━━━━━ Data excerpts
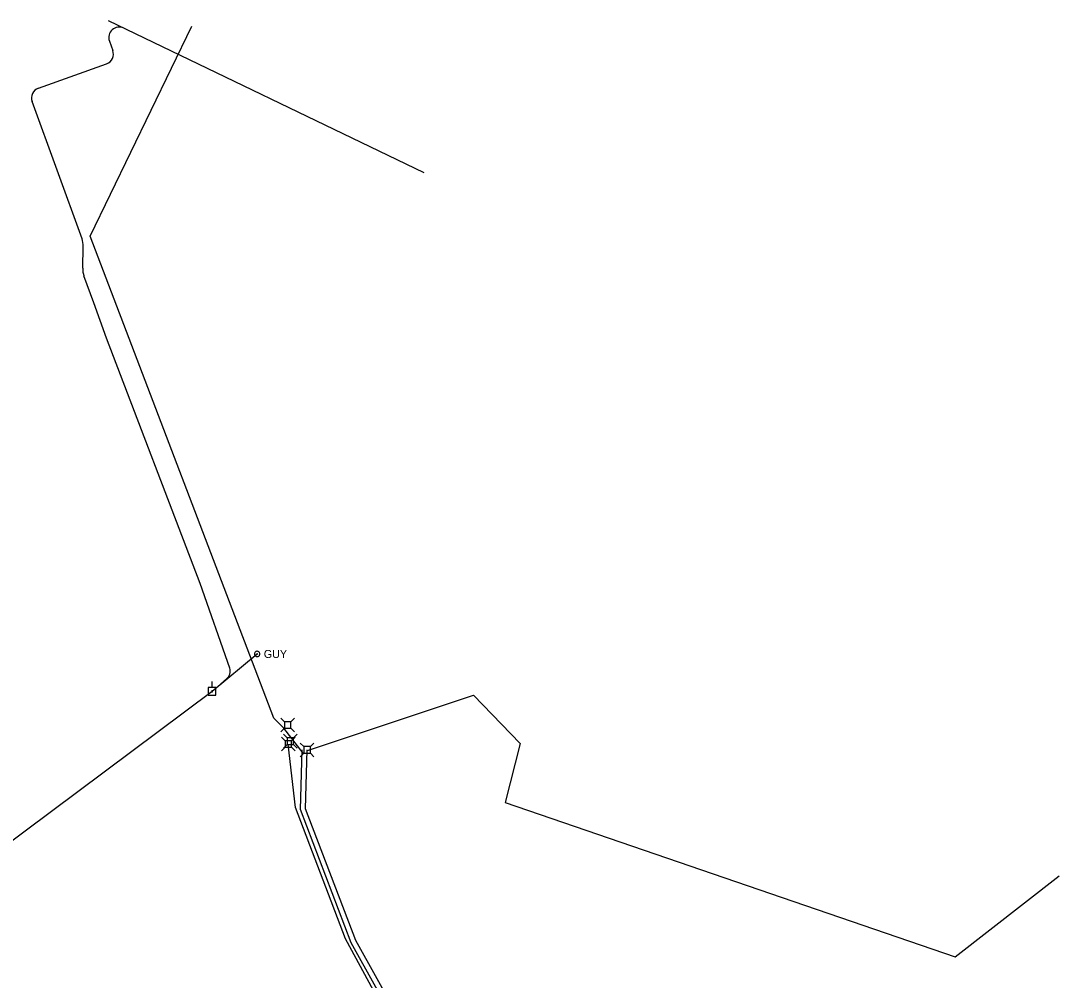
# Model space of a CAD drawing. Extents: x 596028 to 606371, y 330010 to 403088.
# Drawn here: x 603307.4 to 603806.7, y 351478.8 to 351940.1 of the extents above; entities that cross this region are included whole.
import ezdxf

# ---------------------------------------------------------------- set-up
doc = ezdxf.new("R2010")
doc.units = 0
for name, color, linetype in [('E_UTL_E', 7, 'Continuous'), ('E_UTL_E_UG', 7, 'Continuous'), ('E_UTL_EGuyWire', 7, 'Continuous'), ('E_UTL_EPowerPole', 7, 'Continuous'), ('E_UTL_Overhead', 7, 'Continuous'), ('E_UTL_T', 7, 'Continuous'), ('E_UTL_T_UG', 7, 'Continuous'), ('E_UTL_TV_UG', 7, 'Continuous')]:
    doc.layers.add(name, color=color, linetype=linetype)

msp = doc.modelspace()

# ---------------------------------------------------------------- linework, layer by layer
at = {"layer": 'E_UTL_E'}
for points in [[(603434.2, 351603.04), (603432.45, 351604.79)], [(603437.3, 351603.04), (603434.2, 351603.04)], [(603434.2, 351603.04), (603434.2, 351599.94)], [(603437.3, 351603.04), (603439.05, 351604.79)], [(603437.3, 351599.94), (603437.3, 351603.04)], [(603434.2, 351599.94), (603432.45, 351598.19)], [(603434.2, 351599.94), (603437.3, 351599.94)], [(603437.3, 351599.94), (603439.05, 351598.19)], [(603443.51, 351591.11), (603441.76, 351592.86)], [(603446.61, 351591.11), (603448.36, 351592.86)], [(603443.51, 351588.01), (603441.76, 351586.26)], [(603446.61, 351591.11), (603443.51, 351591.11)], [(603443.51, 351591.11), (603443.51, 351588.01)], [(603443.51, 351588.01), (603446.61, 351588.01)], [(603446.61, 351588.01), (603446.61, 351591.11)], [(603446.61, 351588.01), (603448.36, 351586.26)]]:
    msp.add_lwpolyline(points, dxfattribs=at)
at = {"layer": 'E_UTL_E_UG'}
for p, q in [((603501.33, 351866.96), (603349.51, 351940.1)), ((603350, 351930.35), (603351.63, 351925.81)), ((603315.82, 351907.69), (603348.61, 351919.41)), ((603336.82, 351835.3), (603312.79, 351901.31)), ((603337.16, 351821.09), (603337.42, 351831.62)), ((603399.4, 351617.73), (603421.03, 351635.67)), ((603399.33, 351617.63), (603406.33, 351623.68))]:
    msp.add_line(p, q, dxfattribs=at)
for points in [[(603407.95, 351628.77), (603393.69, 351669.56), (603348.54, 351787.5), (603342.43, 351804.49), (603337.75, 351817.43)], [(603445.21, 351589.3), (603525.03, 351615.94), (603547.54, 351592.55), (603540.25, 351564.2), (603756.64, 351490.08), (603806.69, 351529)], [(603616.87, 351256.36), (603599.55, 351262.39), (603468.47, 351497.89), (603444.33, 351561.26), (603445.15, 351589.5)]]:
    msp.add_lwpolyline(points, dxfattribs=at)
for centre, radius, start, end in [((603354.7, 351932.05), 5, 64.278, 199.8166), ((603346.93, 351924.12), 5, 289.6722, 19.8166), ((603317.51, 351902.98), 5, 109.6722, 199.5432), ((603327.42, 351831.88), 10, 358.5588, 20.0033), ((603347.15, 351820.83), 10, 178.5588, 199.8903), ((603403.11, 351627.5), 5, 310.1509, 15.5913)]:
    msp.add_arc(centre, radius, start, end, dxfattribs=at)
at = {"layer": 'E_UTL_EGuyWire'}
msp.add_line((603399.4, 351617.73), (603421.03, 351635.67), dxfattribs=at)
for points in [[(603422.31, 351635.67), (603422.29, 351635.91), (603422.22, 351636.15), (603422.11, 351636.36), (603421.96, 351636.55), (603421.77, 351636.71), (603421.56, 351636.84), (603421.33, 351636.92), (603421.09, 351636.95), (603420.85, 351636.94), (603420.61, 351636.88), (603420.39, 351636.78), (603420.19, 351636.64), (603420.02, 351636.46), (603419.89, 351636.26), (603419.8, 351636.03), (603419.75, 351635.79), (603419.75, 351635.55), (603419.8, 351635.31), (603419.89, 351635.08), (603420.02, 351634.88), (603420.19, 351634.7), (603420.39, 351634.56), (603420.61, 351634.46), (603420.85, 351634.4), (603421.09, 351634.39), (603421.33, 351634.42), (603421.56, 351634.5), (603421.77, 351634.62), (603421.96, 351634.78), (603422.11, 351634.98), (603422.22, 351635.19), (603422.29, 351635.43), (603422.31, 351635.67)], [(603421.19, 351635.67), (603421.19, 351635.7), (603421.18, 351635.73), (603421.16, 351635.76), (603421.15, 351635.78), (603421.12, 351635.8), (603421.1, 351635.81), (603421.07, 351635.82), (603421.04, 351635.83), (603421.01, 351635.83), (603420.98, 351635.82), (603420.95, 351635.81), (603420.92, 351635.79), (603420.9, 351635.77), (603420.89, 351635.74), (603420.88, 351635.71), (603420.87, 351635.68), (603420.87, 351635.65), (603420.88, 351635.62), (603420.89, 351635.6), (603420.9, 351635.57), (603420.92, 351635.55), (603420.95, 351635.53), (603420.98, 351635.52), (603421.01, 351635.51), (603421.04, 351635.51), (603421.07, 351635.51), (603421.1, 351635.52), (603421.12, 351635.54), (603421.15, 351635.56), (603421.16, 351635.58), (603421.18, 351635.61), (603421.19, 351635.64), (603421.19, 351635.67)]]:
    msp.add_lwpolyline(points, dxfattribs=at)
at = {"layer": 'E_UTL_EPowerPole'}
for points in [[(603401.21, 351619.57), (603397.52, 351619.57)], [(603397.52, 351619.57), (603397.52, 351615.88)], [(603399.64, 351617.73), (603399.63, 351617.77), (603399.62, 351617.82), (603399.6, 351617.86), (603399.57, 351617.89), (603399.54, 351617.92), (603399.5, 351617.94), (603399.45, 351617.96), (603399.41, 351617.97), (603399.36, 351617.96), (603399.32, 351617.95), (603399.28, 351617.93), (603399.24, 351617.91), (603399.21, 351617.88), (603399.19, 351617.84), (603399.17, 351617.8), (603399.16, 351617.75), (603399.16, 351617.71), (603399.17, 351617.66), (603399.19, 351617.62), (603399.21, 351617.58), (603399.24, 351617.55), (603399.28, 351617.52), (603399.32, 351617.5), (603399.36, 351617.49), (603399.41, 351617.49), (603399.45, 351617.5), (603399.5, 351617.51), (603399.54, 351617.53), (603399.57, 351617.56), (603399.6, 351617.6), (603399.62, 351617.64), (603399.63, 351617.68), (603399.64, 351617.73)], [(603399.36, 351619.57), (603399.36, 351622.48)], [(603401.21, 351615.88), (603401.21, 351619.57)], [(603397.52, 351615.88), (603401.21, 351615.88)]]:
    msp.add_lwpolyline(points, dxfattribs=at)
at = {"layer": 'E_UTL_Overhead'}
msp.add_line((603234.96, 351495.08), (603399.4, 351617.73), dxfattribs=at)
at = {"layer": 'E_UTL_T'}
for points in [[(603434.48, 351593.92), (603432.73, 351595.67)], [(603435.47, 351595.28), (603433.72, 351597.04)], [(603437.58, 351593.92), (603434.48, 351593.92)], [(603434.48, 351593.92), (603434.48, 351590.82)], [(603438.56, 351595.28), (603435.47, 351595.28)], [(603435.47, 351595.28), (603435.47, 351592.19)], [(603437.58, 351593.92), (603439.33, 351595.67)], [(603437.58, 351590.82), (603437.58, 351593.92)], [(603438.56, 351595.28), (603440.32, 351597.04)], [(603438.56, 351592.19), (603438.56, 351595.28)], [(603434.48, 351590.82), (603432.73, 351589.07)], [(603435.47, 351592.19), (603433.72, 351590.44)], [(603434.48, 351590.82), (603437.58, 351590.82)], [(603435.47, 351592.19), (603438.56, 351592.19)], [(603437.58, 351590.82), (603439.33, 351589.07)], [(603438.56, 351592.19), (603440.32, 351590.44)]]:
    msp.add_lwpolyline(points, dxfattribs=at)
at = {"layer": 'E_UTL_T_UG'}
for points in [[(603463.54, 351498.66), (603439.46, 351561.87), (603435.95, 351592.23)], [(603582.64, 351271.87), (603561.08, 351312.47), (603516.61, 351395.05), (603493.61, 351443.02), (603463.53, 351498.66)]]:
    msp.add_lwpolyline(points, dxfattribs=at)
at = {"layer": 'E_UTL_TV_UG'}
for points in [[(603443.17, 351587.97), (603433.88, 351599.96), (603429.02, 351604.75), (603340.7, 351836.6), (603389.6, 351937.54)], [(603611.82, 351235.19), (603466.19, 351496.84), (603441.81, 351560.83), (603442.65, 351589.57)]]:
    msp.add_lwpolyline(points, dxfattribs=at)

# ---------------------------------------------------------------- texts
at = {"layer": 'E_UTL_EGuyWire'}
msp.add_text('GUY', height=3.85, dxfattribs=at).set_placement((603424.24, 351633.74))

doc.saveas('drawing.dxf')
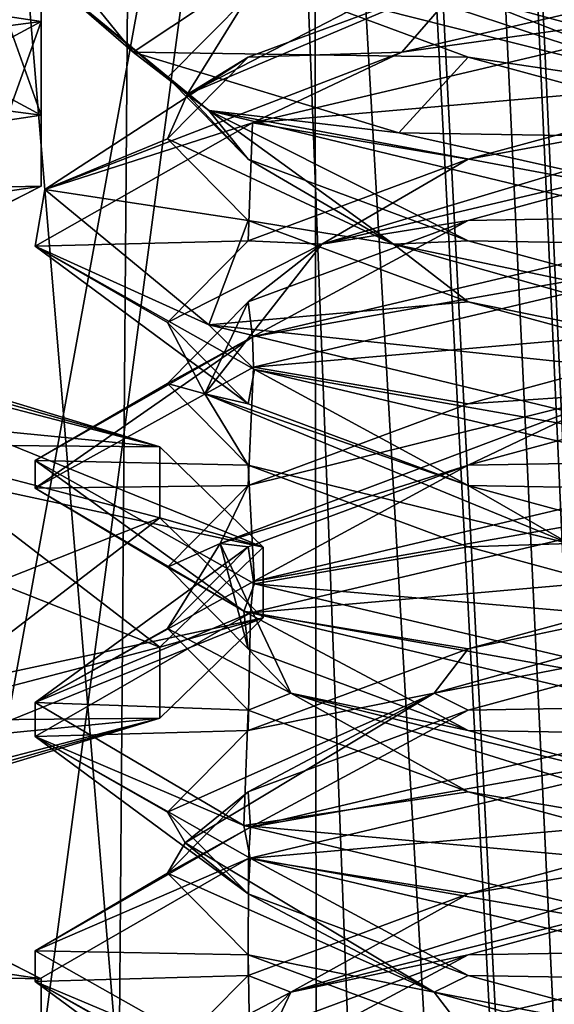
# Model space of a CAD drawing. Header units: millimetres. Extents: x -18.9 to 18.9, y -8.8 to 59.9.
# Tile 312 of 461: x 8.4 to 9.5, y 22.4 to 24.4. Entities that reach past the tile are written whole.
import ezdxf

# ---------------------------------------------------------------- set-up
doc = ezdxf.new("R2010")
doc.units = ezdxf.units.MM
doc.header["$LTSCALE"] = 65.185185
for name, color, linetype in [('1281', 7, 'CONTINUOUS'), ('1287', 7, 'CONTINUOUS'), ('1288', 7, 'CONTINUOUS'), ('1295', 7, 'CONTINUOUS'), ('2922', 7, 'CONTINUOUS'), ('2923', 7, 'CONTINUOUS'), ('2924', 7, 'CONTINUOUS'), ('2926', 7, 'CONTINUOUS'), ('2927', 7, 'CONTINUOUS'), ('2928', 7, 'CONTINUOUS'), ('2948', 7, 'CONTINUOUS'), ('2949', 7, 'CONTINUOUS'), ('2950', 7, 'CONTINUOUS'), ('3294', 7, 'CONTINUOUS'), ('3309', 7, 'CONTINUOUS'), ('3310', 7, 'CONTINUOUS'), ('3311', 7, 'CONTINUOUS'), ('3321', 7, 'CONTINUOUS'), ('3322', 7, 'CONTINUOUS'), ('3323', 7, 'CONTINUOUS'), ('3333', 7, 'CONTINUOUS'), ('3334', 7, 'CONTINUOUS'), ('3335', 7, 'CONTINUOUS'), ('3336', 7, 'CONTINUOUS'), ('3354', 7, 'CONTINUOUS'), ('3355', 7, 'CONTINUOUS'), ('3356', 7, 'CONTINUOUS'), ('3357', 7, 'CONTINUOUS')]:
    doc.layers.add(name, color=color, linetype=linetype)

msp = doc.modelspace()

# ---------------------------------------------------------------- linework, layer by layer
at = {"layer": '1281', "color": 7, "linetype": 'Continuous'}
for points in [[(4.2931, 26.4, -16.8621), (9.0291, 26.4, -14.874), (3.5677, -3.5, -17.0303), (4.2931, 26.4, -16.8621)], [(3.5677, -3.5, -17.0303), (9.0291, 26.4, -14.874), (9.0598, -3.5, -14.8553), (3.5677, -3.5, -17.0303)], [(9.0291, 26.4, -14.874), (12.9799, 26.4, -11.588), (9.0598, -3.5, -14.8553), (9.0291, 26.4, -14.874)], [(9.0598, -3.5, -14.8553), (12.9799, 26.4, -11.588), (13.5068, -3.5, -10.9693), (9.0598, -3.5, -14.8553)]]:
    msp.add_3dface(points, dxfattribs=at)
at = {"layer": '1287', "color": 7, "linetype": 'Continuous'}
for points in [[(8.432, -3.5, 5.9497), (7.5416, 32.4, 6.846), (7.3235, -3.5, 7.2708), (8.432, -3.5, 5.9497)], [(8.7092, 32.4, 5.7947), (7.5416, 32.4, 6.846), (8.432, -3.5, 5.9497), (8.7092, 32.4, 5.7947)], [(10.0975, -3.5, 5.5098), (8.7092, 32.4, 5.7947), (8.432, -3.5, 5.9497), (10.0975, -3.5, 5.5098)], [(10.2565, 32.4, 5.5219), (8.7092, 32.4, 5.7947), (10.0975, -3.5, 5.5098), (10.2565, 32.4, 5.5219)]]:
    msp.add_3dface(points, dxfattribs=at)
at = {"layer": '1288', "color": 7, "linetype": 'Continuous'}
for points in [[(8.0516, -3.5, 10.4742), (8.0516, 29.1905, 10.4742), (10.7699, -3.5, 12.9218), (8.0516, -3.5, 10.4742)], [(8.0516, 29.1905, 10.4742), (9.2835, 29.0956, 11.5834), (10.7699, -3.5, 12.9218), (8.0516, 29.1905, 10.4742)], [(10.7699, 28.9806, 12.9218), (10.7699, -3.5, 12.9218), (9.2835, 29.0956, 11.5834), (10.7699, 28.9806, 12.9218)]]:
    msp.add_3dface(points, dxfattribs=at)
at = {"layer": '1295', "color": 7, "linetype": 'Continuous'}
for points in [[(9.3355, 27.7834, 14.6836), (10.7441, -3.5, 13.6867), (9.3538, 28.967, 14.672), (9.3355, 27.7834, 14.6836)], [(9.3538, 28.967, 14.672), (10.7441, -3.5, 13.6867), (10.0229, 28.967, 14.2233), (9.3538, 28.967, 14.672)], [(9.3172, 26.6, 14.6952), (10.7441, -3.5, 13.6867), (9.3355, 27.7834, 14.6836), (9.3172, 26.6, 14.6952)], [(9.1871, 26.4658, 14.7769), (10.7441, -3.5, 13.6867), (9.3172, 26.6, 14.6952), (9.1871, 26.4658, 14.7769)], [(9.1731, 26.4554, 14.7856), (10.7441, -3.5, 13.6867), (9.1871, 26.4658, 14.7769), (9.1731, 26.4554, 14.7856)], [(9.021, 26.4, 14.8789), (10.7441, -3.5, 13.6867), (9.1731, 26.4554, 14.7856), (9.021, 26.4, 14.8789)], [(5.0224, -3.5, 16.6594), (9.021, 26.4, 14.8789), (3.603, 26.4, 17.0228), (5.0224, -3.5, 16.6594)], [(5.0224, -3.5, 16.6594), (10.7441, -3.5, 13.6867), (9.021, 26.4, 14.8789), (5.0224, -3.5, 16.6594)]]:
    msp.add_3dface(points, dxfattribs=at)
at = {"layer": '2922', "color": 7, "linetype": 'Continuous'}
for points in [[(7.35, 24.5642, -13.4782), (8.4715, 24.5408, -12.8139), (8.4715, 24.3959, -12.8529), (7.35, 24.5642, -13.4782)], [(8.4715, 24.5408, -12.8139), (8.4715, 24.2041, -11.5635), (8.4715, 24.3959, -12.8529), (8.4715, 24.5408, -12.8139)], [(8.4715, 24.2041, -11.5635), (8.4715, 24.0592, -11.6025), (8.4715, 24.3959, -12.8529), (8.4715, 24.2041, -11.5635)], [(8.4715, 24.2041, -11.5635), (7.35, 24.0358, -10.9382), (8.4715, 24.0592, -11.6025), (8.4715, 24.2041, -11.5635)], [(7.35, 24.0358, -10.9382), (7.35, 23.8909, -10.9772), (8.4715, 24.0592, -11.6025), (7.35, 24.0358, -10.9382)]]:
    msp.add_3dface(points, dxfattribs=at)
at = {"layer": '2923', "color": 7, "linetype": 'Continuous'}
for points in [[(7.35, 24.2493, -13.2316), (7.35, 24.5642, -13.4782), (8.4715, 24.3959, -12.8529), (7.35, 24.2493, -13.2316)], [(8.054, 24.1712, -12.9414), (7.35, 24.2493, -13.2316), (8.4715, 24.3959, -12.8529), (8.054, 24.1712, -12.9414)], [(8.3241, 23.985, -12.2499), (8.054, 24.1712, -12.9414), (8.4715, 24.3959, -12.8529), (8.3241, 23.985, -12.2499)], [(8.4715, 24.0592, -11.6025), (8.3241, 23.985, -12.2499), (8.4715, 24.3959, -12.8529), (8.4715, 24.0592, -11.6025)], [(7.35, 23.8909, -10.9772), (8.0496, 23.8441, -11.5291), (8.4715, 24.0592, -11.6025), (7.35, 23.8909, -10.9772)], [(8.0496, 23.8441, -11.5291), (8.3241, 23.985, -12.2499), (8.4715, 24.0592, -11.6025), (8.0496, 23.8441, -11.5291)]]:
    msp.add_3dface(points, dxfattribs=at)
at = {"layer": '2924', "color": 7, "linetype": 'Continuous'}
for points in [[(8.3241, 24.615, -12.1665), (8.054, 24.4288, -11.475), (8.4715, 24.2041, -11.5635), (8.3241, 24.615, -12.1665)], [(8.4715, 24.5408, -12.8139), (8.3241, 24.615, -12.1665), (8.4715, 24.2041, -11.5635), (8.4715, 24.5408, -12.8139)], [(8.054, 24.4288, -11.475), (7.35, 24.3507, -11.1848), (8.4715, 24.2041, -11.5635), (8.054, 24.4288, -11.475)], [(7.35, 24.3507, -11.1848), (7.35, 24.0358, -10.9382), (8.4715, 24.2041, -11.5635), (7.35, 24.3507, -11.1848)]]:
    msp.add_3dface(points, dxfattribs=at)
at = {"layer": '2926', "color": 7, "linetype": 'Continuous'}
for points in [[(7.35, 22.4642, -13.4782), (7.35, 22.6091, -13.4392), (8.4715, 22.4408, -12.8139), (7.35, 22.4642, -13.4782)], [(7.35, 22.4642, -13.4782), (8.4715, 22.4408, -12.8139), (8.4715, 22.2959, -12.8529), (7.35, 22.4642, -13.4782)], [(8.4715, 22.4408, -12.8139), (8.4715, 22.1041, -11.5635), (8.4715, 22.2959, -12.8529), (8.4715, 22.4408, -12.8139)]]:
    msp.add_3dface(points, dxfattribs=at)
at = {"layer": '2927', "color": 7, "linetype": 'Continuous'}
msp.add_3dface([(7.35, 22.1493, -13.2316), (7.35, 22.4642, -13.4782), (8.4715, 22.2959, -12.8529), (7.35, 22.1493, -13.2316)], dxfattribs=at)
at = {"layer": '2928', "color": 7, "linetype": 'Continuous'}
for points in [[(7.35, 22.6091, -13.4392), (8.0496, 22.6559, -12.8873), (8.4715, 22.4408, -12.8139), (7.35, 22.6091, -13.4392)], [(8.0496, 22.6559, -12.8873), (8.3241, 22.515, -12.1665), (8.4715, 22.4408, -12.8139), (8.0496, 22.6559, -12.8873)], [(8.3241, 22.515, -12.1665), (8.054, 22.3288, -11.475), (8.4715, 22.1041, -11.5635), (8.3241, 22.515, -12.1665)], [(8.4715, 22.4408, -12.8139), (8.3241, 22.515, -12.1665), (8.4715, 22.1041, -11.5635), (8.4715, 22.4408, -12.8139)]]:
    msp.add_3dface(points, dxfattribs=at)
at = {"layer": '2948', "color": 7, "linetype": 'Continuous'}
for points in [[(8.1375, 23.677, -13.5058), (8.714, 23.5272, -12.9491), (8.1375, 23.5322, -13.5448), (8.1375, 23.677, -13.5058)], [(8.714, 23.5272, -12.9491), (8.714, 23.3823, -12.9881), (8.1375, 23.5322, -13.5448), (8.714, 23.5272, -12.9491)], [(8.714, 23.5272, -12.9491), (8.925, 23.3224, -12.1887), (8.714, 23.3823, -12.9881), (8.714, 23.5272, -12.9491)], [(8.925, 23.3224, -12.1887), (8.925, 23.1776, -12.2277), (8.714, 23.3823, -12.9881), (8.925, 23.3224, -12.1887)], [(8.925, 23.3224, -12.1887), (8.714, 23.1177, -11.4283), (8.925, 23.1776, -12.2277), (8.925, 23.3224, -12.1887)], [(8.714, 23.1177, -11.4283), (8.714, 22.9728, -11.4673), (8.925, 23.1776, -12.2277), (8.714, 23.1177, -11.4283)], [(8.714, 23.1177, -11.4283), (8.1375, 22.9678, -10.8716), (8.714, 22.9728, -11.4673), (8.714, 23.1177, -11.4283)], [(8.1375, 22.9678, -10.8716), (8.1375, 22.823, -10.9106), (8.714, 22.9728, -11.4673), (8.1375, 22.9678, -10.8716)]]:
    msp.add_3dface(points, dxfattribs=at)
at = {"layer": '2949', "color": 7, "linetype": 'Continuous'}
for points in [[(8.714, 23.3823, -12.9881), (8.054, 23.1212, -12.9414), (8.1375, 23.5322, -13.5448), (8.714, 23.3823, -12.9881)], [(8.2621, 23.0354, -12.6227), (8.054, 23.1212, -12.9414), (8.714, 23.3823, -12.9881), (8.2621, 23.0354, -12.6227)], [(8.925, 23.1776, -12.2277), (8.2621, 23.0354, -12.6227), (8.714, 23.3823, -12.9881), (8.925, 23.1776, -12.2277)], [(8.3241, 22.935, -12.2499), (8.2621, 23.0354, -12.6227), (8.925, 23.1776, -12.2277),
━━━━━━━━━━
§ About this task: Where a line in the listing holds the string "whole", include it in the count, then report the total alone.

§ Response to the task: 2